Sur le plan international, TRUMP est représentatif de l’impérialisme américain. Nous devons continuer à nous expliquer sur les pays impérialistes, les guerres pour la domination, la concurrence inter-impérialiste, l’importance pour la paix de lutter contre l’impérialisme.

*Un camarade du Calvados souligne que l’impérialisme USA n’a pas attendu TRUMP pour développer sa politique d’agression. Les USA ont 180.000 soldats dans 140 pays. TRUMP confirme «  nous conserverons la capacité de nous déployer ». Les affrontements ne sont pas que dans l’histoire, les conflits sont certains… Nous devons effectivement montrer ce qu’est la politique impérialiste contre les peuples, les nations.

La jeunesse en France est la cible du capital et de ses représentants. Ils veulent la formater avec le service civique obligatoire (350.000 jeunes y seront chaque année) où l’on prêche l’union nationale, tous solidaires pour servir la France. Nous devons montrer la réalité, la situation de la jeunesse dont ils sacrifient l’avenir, où ils veulent l’entraîner, faire connaître nos propositions, l’appeler à la lutte anticapitaliste avec nous, pour un autre avenir.

*Un camarade de Paris explique que les nombreuses hausses de prix, transports, énergie, produits de 1ère nécessité, font baisser le pouvoir d’achat. La question des salaires, des retraites est essentielle dans la lutte contre le capital. Ils prennent des milliards sur les richesses créées par le travail. Si on ne lutte pas ils nous saignent. Nous devons appeler partout à s’attaquer au capital, au pouvoir qu’ils s’accaparent. En ce qui concerne la Poste, à Paris, nous avons obtenu que la CGT se positionne contre la suppression des bureaux, il y a eu des luttes ont à fait reculer la direction et obtenu des maintiens.

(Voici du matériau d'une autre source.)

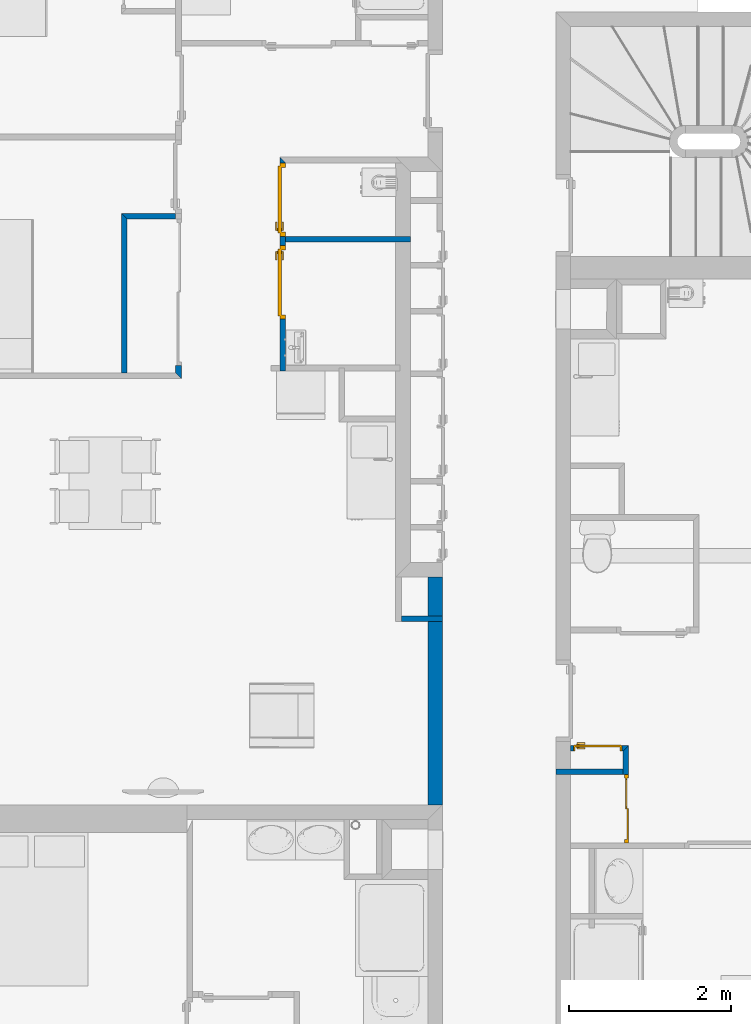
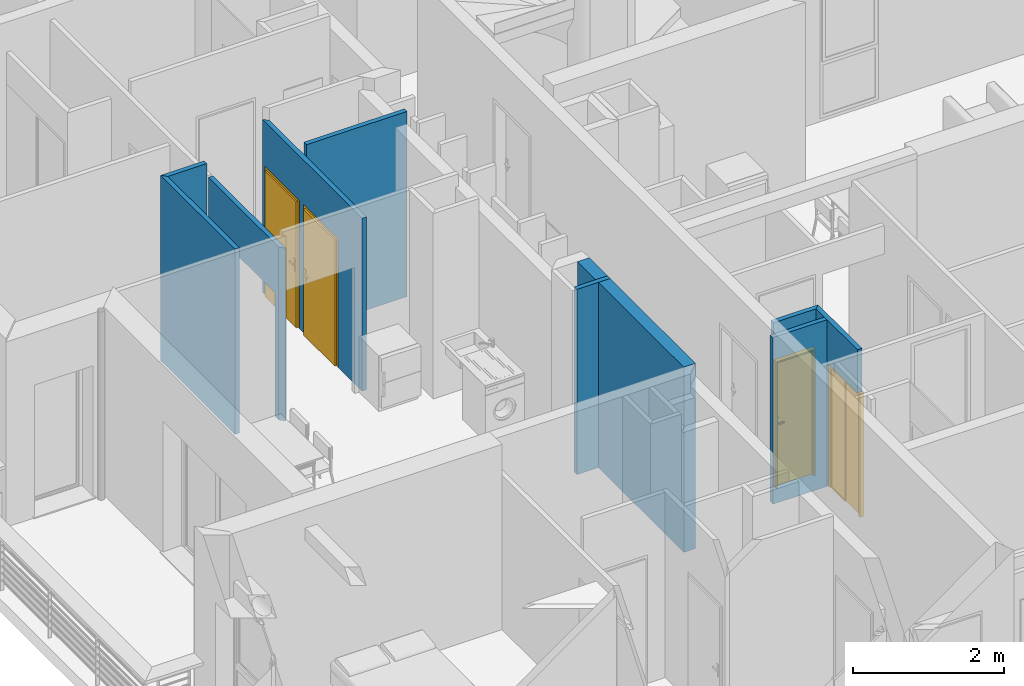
# One storey, part 23 of 165: 10 walls, 4 doors, 5 openings.
"""IFC2X3 building model written with IfcOpenShell, lengths in millimetres."""

from ifc_helpers import new_model, entity, si_unit, converted_unit, derived_unit, money_unit, direction, frame, origin_with_axes, origin_2d_with_axis, place, context, subcontext, project, spatial, polyline, rectangle, outline, extrude, open_shell, faceted_brep, surface_model, source, transform, mapped, material, layer, layer_set, layer_usage, type_object, element, fill, save


model = new_model("IFC2X3")

# Units and contexts
model_context = context("Model", 3, precision=0.01, world=origin_with_axes(), true_north=direction((0.0, 1.0)))
body_context = subcontext(model_context, "Body", "Model", "MODEL_VIEW")
ifc_project = project(units=[si_unit("LENGTHUNIT", "METRE", prefix="MILLI"), si_unit("AREAUNIT", "SQUARE_METRE"), si_unit("VOLUMEUNIT", "CUBIC_METRE"), converted_unit("PLANEANGLEUNIT", "DEGREE", entity("IfcPlaneAngleMeasure", 0.0174532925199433), si_unit("PLANEANGLEUNIT", "RADIAN"), dimensions=[0, 0, 0, 0, 0, 0, 0]), money_unit("USD"), converted_unit("TIMEUNIT", "Year", entity("IfcTimeMeasure", 31557600.0), si_unit("TIMEUNIT", "SECOND"), dimensions=[0, 0, 1, 0, 0, 0, 0]), si_unit("MASSUNIT", "GRAM", prefix="KILO"), si_unit("THERMODYNAMICTEMPERATUREUNIT", "DEGREE_CELSIUS"), si_unit("LUMINOUSINTENSITYUNIT", "LUMEN"), si_unit("ENERGYUNIT", "JOULE", prefix="MEGA"), derived_unit("THERMALCONDUCTANCEUNIT", [(si_unit("POWERUNIT", "WATT"), 1), (si_unit("LENGTHUNIT", "METRE"), -1), (si_unit("THERMODYNAMICTEMPERATUREUNIT", "KELVIN"), -1)]), derived_unit("SPECIFICHEATCAPACITYUNIT", [(si_unit("ENERGYUNIT", "JOULE"), 1), (si_unit("MASSUNIT", "GRAM", prefix="KILO"), -1), (si_unit("THERMODYNAMICTEMPERATUREUNIT", "KELVIN"), -1)]), derived_unit("MASSDENSITYUNIT", [(si_unit("MASSUNIT", "GRAM", prefix="KILO"), 1), (si_unit("VOLUMEUNIT", "CUBIC_METRE"), -1)])], contexts=[model_context])

# Site, building, storey
site_placement = place(None, origin_with_axes())
site = spatial("IfcSite", under=ifc_project, at=site_placement, Name="Site", CompositionType="ELEMENT")
building_placement = place(site_placement, origin_with_axes())
building = spatial("IfcBuilding", under=site, at=building_placement, Name="Bâtiment", CompositionType="ELEMENT")
storey_placement = place(building_placement, frame((0.0, 0.0, 8500.0), z_axis=(0.0, 0.0, 1.0), x_axis=(1.0, 0.0, 0.0)))
storey = spatial("IfcBuildingStorey", under=building, at=storey_placement, Name="Etage 2", CompositionType="ELEMENT", Elevation=8500.0)

# Walls
ifc_material_1 = material(Name="Parpaing 314940890")
ifc_layer_1 = layer(ifc_material_1, 180.0, ventilated="UNKNOWN")
ifc_layer_set_1 = layer_set([ifc_layer_1], Name="Beton  18 0018356637")
ifc_layer_usage_1 = layer_usage(ifc_layer_set_1, "AXIS2", "NEGATIVE", 0.0)
wall_type_1 = type_object("IfcWallType", Name="Beton  18 0018356637 180", PredefinedType="NOTDEFINED")
wall_1_placement = place(storey_placement, frame((2224312.318635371, -641196.739976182, 0.0), z_axis=(0.0, 0.0, 1.0), x_axis=(0.0, -1.0, 0.0)))
element("IfcWallStandardCase", 1, at=wall_1_placement, inside=storey, type_object=wall_type_1, material=ifc_layer_usage_1, Name="Mur-142", context=body_context, shape_type="SweptSolid", body=[
    extrude(outline(polyline([(-0.0004505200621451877, -179.99999999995), (2819.636433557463, -179.99999999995), (2819.636430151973, 0.0), (-2.010409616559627e-07, 0.0), (-0.0004505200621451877, -179.99999999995)])), origin_with_axes(), (0.0, 0.0, 1.0), 3000.0),
])
ifc_material_2 = material(Name="Hachure solide 268963992")
ifc_layer_2 = layer(ifc_material_2, 70.0, ventilated="UNKNOWN")
ifc_layer_set_2 = layer_set([ifc_layer_2], Name="Cloison 70 0826278243")
ifc_layer_usage_2 = layer_usage(ifc_layer_set_2, "AXIS2", "NEGATIVE", 70.0)
wall_type_2 = type_object("IfcWallType", Name="Cloison 70 0826278243 70", PredefinedType="NOTDEFINED")
wall_2_placement = place(storey_placement, frame((2220340.856783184, -636702.9495389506, 0.0), z_axis=(0.0, 0.0, 1.0), x_axis=(1.192534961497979e-05, -0.999999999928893, 0.0)))
element("IfcWallStandardCase", 2, at=wall_2_placement, inside=storey, type_object=wall_type_2, material=ifc_layer_usage_2, Name="Mur-149", context=body_context, shape_type="SweptSolid", body=[
    extrude(outline(polyline([(0.0, 0.0), (1973.85816041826, 0.0), (1973.858995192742, 70.00000000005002), (70.0008509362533, 70.00000000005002), (0.0, 0.0)])), origin_with_axes(), (0.0, 0.0, 1.0), 3000.0),
])

# Wall, opening, door
ifc_layer_usage_3 = layer_usage(ifc_layer_set_2, "AXIS2", "POSITIVE", -70.0)
wall_3_placement = place(storey_placement, frame((2225712.313074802, -643283.0930621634, 0.0), z_axis=(0.0, 0.0, 1.0), x_axis=(0.9999999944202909, -0.0001056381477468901, 0.0)))
wall_3 = element("IfcWallStandardCase", 3, at=wall_3_placement, inside=storey, type_object=wall_type_2, material=ifc_layer_usage_3, Name="Mur-149", context=body_context, shape_type="SweptSolid", body=[
    extrude(outline(polyline([(180.012677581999, -69.99999999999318), (830.1173335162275, -69.99999999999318), (900.1173335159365, 0.0), (180.0052829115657, 0.0), (180.012677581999, -69.99999999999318)])), origin_with_axes(), (0.0, 0.0, 1.0), 2700.0),
])
opening_1_placement = place(wall_3_placement, frame((516.4323291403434, 0.0, 0.0), z_axis=(0.0, 0.0, 1.0), x_axis=(1.0, 0.0, 0.0)))
opening_1 = element("IfcOpeningElement", 4, at=opening_1_placement, cuts=wall_3, Name="Por-274", context=body_context, shape_type="SweptSolid", body=[
    extrude(rectangle(XDim=600.0000000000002, YDim=2050.000000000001, at=origin_2d_with_axis()), frame((-1.13686837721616e-10, -69.99999999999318, 1025.0), z_axis=(0.0, 1.0, 0.0), x_axis=(1.0, 0.0, 0.0)), (0.0, 0.0, 1.0), 140.0),
])
door_style_1 = type_object("IfcDoorStyle", Name="Porte_1v", ConstructionType="NOTDEFINED", OperationType="NOTDEFINED", ParameterTakesPrecedence=False, Sizeable=False)
shared_shape_1 = source(origin_with_axes(), body_context, "Body", "Brep", [
    faceted_brep([(300.0, 0.0, 0.0), (290.0, 0.0, 0.0), (290.0, 0.0, 2040.0), (-290.0, 0.0, 2040.0), (-290.0, 0.0, 0.0), (-300.0, 0.0, 0.0), (-300.0, 0.0, 2050.0), (300.0, 0.0, 2050.0), (300.0, -70.0, 0.0), (279.9999999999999, -70.0, 0.0), (279.9999999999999, -15.0, 0.0), (290.0, -15.0, 0.0), (290.0, -15.0, 2040.0), (-290.0, -15.0, 2040.0), (-290.0, -15.0, 0.0), (-279.9999999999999, -15.0, 0.0), (-279.9999999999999, -70.0, 0.0), (-300.0, -70.0, 0.0), (-300.0, -70.0, 2050.0), (300.0, -70.0, 2050.0), (-279.9999999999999, -70.0, 2030.0), (279.9999999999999, -70.0, 2030.0), (279.9999999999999, -15.0, 2030.0), (-279.9999999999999, -15.0, 2030.0)], [[[0, 1, 2, 3, 4, 5, 6, 7]], [[0, 8, 9, 10, 11, 1]], [[1, 11, 12, 2]], [[2, 12, 13, 3]], [[3, 13, 14, 4]], [[5, 4, 14, 15, 16, 17]], [[18, 6, 5, 17]], [[19, 7, 6, 18]], [[8, 0, 7, 19]], [[9, 8, 19, 18, 17, 16, 20, 21]], [[10, 9, 21, 22]], [[11, 10, 22, 23, 15, 14, 13, 12]], [[23, 20, 16, 15]], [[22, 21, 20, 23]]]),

*Un camarade du Calvados. Les sondages confirment le mécontentement, le rejet de la politique actuelle, l’exigence de changement. Nous le vérifions dans les discussions avec les salariés dans les entreprises et sur les points de rencontre. Notre matériel répond bien aux questions posées et permet d’engager la discussion. Nous avons fait une assemblée avec 18 participants, 1 camarade a donné son adhésion. Nous préparons des discussions avec des syndicalistes de 3 grandes entreprises. Le secrétaire de l’UL CGT de Caen doit passer en jugement, nous préparons un grand rassemblement pour le soutenir. Le 3 mars nous aurons une initiative publique avec Tonio Sanchez notre candidat à la Présidentielle. Nous préparons nos candidatures aux élections législatives et les initiatives de la campagne.

*Une camarade de Paris. A partir d’une situation de rejet de la politique actuelle et de ceux qui la mènent, le capitalisme a besoin d’une relève au pouvoir. L’élection Présidentielle qui fait tout tourner autour d’un homme ou d’une femme est utilisée pour mettre en place cette relève. Tous les candidats (sauf le nôtre) se situent dans le système capitaliste, or il n’y a pas de possibilité de changer la situation dans ce système. il faut le dire clairement. Beaucoup d’électeurs sont désorientés, car il n’y a pas d’offre des candidats mis en avant par les médias qui permette de changer. Nous avons un programme pour changer de politique avec un candidat pour le mettre en œuvre. Nous devons le faire connaître et en débattre avec les travailleurs, les jeunes. Sur chaque question nous mettons en avant les moyens qui existent, nous expliquons les conditions incontournables pour y parvenir : reprendre les moyens de production, les moyens économiques et financiers, le pouvoir politique aux multinationales capitalistes. Nous appelons à la lutte avec nous pour imposer ce changement car nous savons que rien ne pourra se faire sans lutte. Le capitalisme, les partis politiques qui sont dans le système ne veulent pas d’un candidat qui lutte contre le système et appelle à l’abattre. Il faut utiliser tous nos moyens et mobiliser tout notre Parti pour continuer à avancer.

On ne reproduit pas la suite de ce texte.